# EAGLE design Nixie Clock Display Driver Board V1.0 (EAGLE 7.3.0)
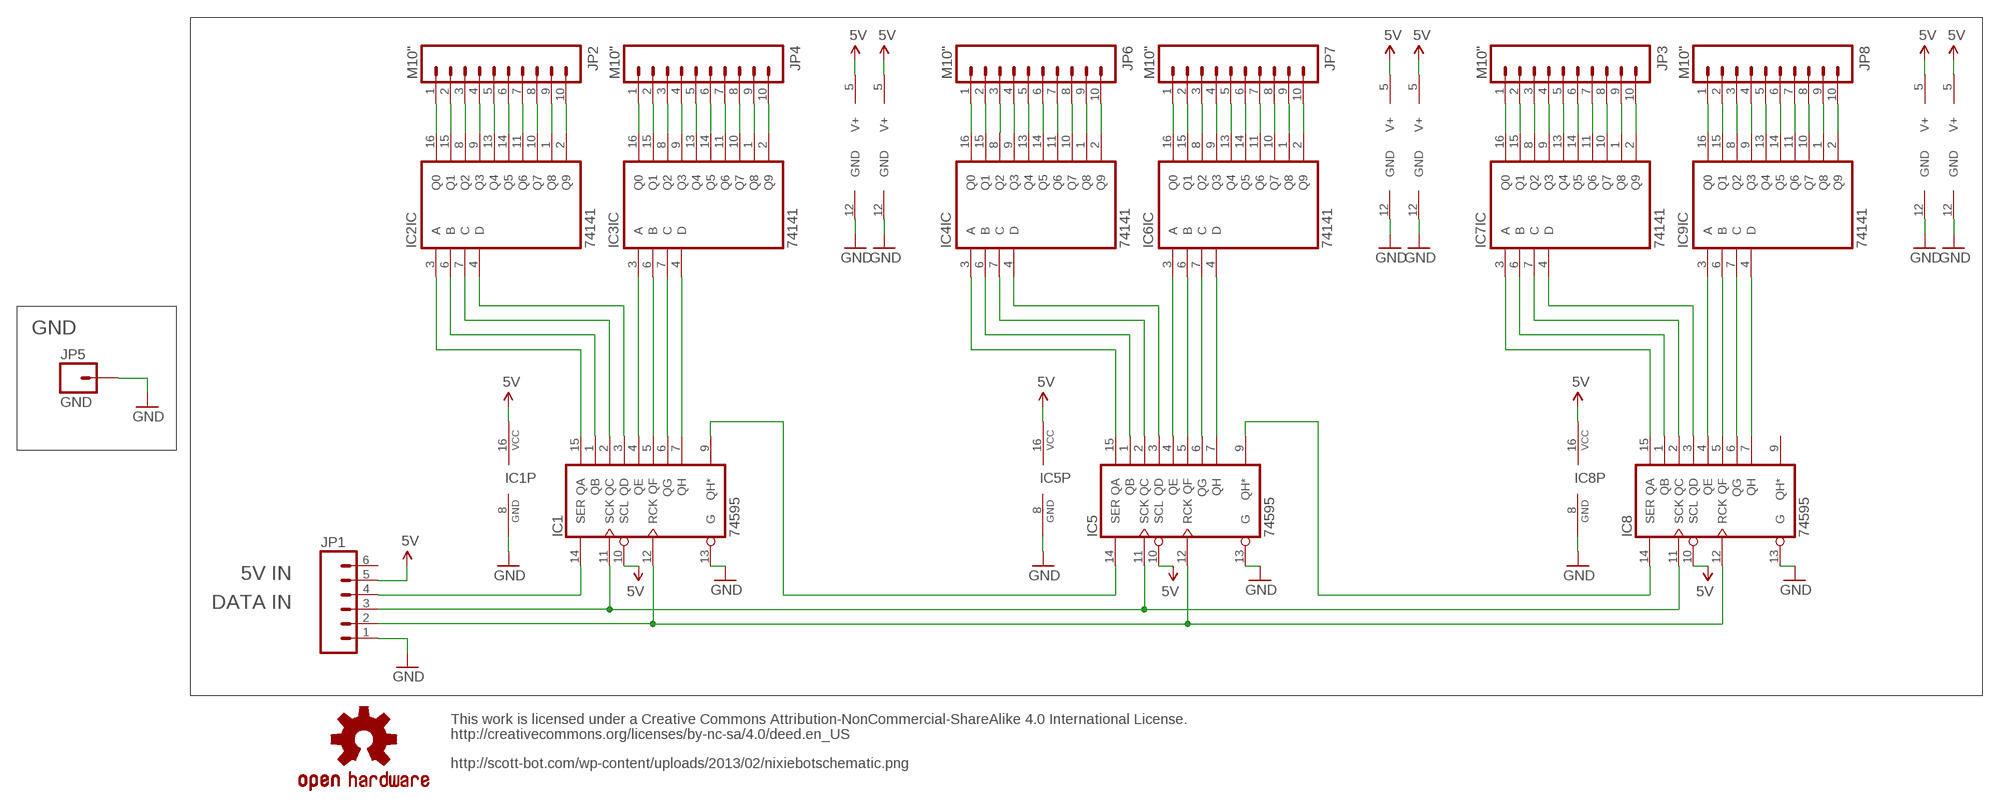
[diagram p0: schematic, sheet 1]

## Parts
IC1  74595  74LS595N  [DIL16]
IC2  74141  IC_74141-DIP-16  [DIL16]
IC3  74141  IC_74141-DIP-16  [DIL16]
IC4  74141  IC_74141-DIP-16  [DIL16]
IC5  74595  74LS595N  [DIL16]
IC6  74141  IC_74141-DIP-16  [DIL16]
IC7  74141  IC_74141-DIP-16  [DIL16]
IC8  74595  74LS595N  [DIL16]
IC9  74141  IC_74141-DIP-16  [DIL16]
JP1  M06NO_SILK  [1X06_NO_SILK]
JP2  M10"  [1X10]
JP3  M10"  [1X10]
JP4  M10"  [1X10]
JP5  GND  M01  [1X01HV]
JP6  M10"  [1X10]
JP7  M10"  [1X10]
JP8  M10"  [1X10]
U$2  OSHW-LOGOM  [OSHW-LOGO-M]

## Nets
5V: IC1.10(SCL) IC1.16(VCC) IC2.5(SUPPLY:V+) IC3.5(SUPPLY:V+) IC4.5(SUPPLY:V+) IC5.10(SCL) IC5.16(VCC) IC6.5(SUPPLY:V+) IC7.5(SUPPLY:V+) IC8.10(SCL) IC8.16(VCC) IC9.5(SUPPLY:V+) JP1.5
GND: IC1.8(GND) IC1.13(G) IC2.12(SUPPLY:GND) IC3.12(SUPPLY:GND) IC4.12(SUPPLY:GND) IC5.8(GND) IC5.13(G) IC6.12(SUPPLY:GND) IC7.12(SUPPLY:GND) IC8.8(GND) IC8.13(G) IC9.12(SUPPLY:GND) JP1.1 JP5.1
IN1: IC1.14(SER) JP1.4
IN2: IC1.12(RCK) IC5.12(RCK) IC8.12(RCK) JP1.2
IN4: IC1.9(QH*) IC5.14(SER)
IN5: IC1.11(SCK) IC5.11(SCK) IC8.11(SCK) JP1.3
IN6: IC5.9(QH*) IC8.14(SER)
N$1: IC2.16(IC:Q0) JP2.1
N$3: IC2.15(IC:Q1) JP2.2
N$4: IC2.8(IC:Q2) JP2.3
N$5: IC2.9(IC:Q3) JP2.4
N$6: IC1.15(QA) IC2.3(IC:A)
N$7: IC2.13(IC:Q4) JP2.5
N$8: IC1.1(QB) IC2.6(IC:B)
N$9: IC1.2(QC) IC2.7(IC:C)
N$10: IC1.3(QD) IC2.4(IC:D)
N$11: IC1.4(QE) IC3.3(IC:A)
N$12: IC2.14(IC:Q5) JP2.6
N$13: IC1.5(QF) IC3.6(IC:B)
N$14: IC1.6(QG) IC3.7(IC:C)
N$15: IC1.7(QH) IC3.4(IC:D)
N$16: IC2.11(IC:Q6) JP2.7
N$17: IC2.10(IC:Q7) JP2.8
N$18: IC2.1(IC:Q8) JP2.9
N$19: IC2.2(IC:Q9) JP2.10
N$20: IC3.16(IC:Q0) JP4.1
N$21: IC3.15(IC:Q1) JP4.2
N$22: IC3.8(IC:Q2) JP4.3
N$23: IC3.9(IC:Q3) JP4.4
N$24: IC3.13(IC:Q4) JP4.5
N$25: IC3.14(IC:Q5) JP4.6
N$26: IC3.11(IC:Q6) JP4.7
N$27: IC3.10(IC:Q7) JP4.8
N$28: IC3.1(IC:Q8) JP4.9
N$29: IC3.2(IC:Q9) JP4.10
N$31: IC4.3(IC:A) IC5.15(QA)
N$32: IC4.6(IC:B) IC5.1(QB)
N$33: IC4.7(IC:C) IC5.2(QC)
N$34: IC4.4(IC:D) IC5.3(QD)
N$35: IC5.4(QE) IC6.3(IC:A)
N$36: IC5.5(QF) IC6.6(IC:B)
N$37: IC5.6(QG) IC6.7(IC:C)
N$38: IC5.7(QH) IC6.4(IC:D)
N$39: IC4.16(IC:Q0) JP6.1
N$40: IC4.15(IC:Q1) JP6.2
N$41: IC4.8(IC:Q2) JP6.3
N$42: IC4.9(IC:Q3) JP6.4
N$43: IC4.13(IC:Q4) JP6.5
N$44: IC4.14(IC:Q5) JP6.6
N$45: IC4.11(IC:Q6) JP6.7
N$46: IC4.10(IC:Q7) JP6.8
N$47: IC4.1(IC:Q8) JP6.9
N$48: IC4.2(IC:Q9) JP6.10
N$49: IC6.16(IC:Q0) JP7.1
N$50: IC6.15(IC:Q1) JP7.2
N$51: IC6.8(IC:Q2) JP7.3
N$52: IC6.9(IC:Q3) JP7.4
N$53: IC6.13(IC:Q4) JP7.5
N$54: IC6.14(IC:Q5) JP7.6
N$55: IC6.11(IC:Q6) JP7.7
N$56: IC6.10(IC:Q7) JP7.8
N$57: IC6.1(IC:Q8) JP7.9
N$58: IC6.2(IC:Q9) JP7.10
N$59: IC7.3(IC:A) IC8.15(QA)
N$60: IC7.6(IC:B) IC8.1(QB)
N$61: IC7.7(IC:C) IC8.2(QC)
N$62: IC7.4(IC:D) IC8.3(QD)
N$63: IC8.4(QE) IC9.3(IC:A)
N$64: IC8.5(QF) IC9.6(IC:B)
N$65: IC8.6(QG) IC9.7(IC:C)
N$66: IC8.7(QH) IC9.4(IC:D)
N$67: IC7.16(IC:Q0) JP3.1
N$68: IC7.15(IC:Q1) JP3.2
N$69: IC7.8(IC:Q2) JP3.3
N$70: IC7.9(IC:Q3) JP3.4
N$71: IC7.13(IC:Q4) JP3.5
N$72: IC7.14(IC:Q5) JP3.6
N$73: IC7.11(IC:Q6) JP3.7
N$74: IC7.10(IC:Q7) JP3.8
N$75: IC7.1(IC:Q8) JP3.9
N$76: IC7.2(IC:Q9) JP3.10
N$77: IC9.16(IC:Q0) JP8.1
N$78: IC9.15(IC:Q1) JP8.2
N$79: IC9.8(IC:Q2) JP8.3
N$80: IC9.9(IC:Q3) JP8.4
N$81: IC9.13(IC:Q4) JP8.5
N$82: IC9.14(IC:Q5) JP8.6
N$83: IC9.11(IC:Q6) JP8.7
N$84: IC9.10(IC:Q7) JP8.8
N$85: IC9.1(IC:Q8) JP8.9
N$86: IC9.2(IC:Q9) JP8.10
Unconnected: IC8.9(QH*) JP1.6

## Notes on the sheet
- GND
- 5V IN
- DATA IN
- This work is licensed under a Creative Commons Attribution-NonCommercial-ShareAlike 4.0 International License.
  http://creativecommons.org/licenses/by-nc-sa/4.0/deed.en_US
- http://scott-bot.com/wp-content/uploads/2013/02/nixiebotschematic.png

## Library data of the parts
IC1 IC5 IC8 = 74xx-us:74*595: 8-bit SHIFT REGISTER, output latch
IC2-IC4 IC6 IC7 IC9 = dp_devices:IC_74141: BCD to decimal decoder
JP1 = SparkFun-Connectors:M06: Header 6 Standard 6-pin 0.1" header. Use with straight break away headers (SKU : PRT-00116), right angle break away headers (PRT-00553), swiss pins (PRT-00743), machine pins (PRT-00117), and female headers (PRT-00115). Molex polarized connector foot print use with SKU : PRT-08094 with associated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
JP2-JP4 JP6-JP8 = SparkFun-Connectors:M10: Header 10 Standard 10-pin 0.1" header. Use with straight break away headers (SKU : PRT-00116), right angle break away headers (PRT-00553), swiss pins (PRT-00743), machine pins (PRT-00117), and female headers (PRT-00115).
JP5 = SparkFun-Connectors:M01: Header 1
U$2 = SparkFun:OSHW-LOGO: Open Source Hardware Logo This logo indicates the piece of hardware it is found on incorporates a OSHW license and/or adheres to the definition of open source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

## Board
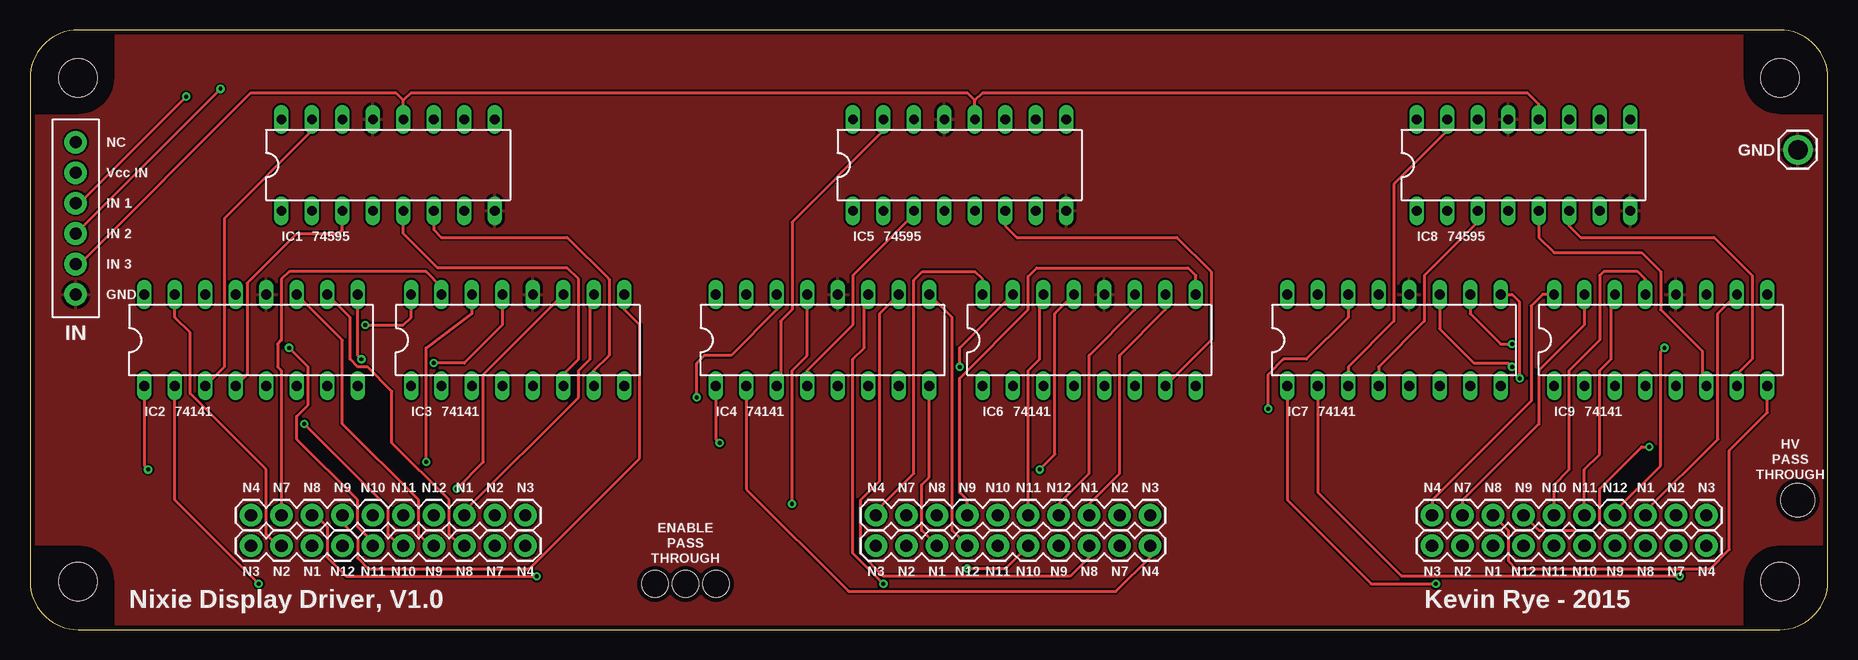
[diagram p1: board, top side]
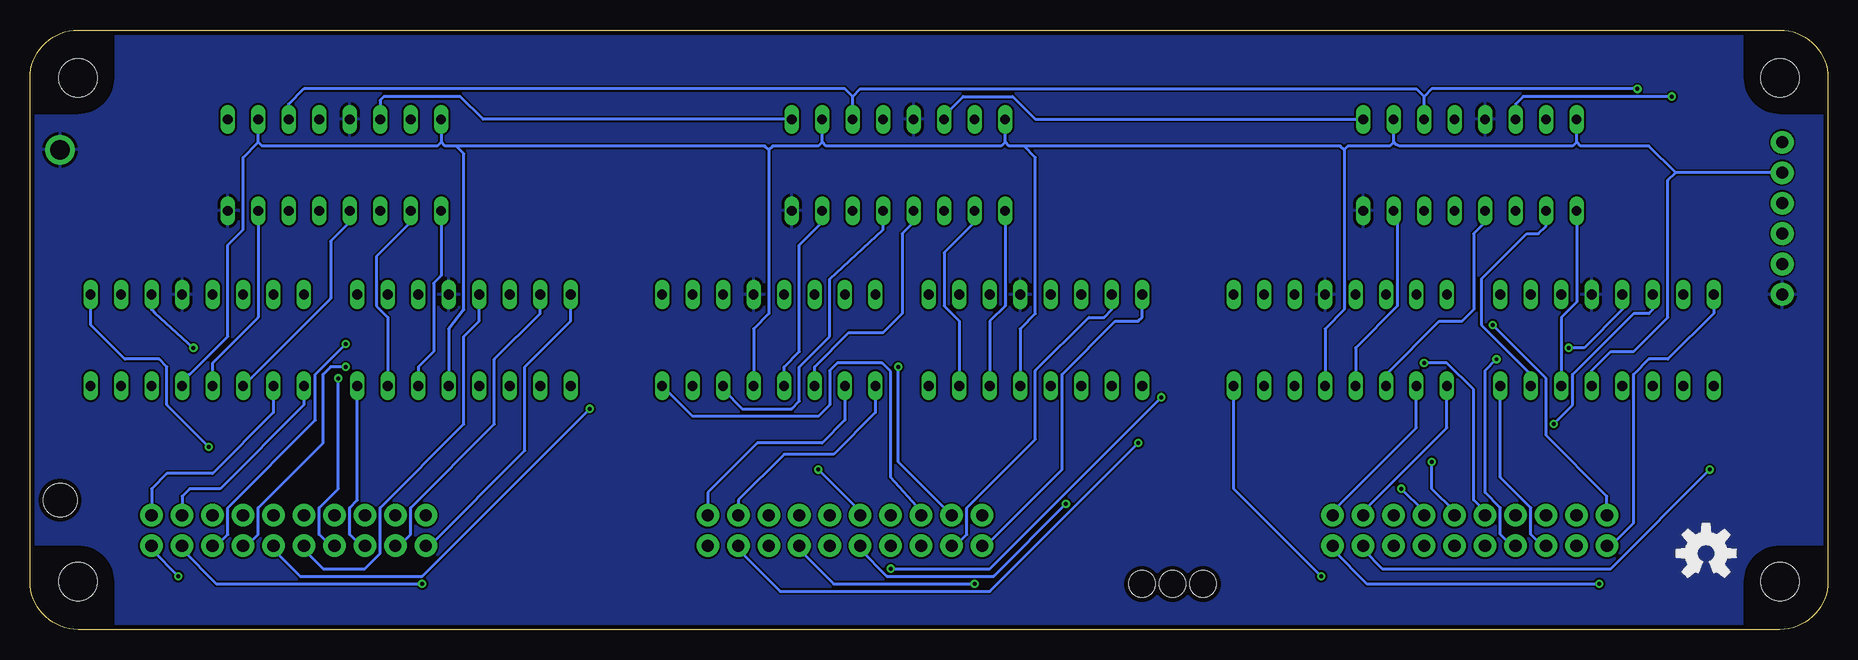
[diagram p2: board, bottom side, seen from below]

Size 149.83 x 50 mm. Coordinates in mm from the lower left corner, seen from the top.
Copper layers (1*16): Top 0.0356mm / dielectric 1.5011mm / Bottom 0.0356mm
Design rules "LaenPCBOrder *": minimum track width 10mil, minimum drill 13mil, track to track 6mil, track to pad 6mil, pad to pad 6mil, via to via 6mil, smd to smd 6mil, copper to edge 15mil, drill to drill 6mil, minimum pad ring 7mil, minimum via ring 7mil, stop-mask expansion 3mil, vias tented up to drill 0mil, thermal gap 10mil
Holes 2.8 mm at 147.32,10.79
Holes 2.2 mm at 52.07,3.81 54.61,3.81 57.15,3.81

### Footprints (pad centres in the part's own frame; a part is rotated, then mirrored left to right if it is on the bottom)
DIL16 = drill 0.813 long: 1 -8.89,-3.81; 2 -6.35,-3.81; 3 -3.81,-3.81; 4 -1.27,-3.81; 5 1.27,-3.81; 6 3.81,-3.81; 7 6.35,-3.81; 8 8.89,-3.81; 9 8.89,3.81; 10 6.35,3.81; 11 3.81,3.81; 12 1.27,3.81; 13 -1.27,3.81; 14 -3.81,3.81; 15 -6.35,3.81; 16 -8.89,3.81
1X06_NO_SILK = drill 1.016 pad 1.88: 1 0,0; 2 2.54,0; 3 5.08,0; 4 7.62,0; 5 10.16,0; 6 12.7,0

### [Task item]
Proceeding from the line containing "N$63: IC8.4(QE) IC9.3(IC:A)" through the line containing "N$72: IC7.14(IC:Q5) JP3.6", transcribe the lines above exactly, both end lines included.

### [Task output]
N$63: IC8.4(QE) IC9.3(IC:A)
N$64: IC8.5(QF) IC9.6(IC:B)
N$65: IC8.6(QG) IC9.7(IC:C)
N$66: IC8.7(QH) IC9.4(IC:D)
N$67: IC7.16(IC:Q0) JP3.1
N$68: IC7.15(IC:Q1) JP3.2
N$69: IC7.8(IC:Q2) JP3.3
N$70: IC7.9(IC:Q3) JP3.4
N$71: IC7.13(IC:Q4) JP3.5
N$72: IC7.14(IC:Q5) JP3.6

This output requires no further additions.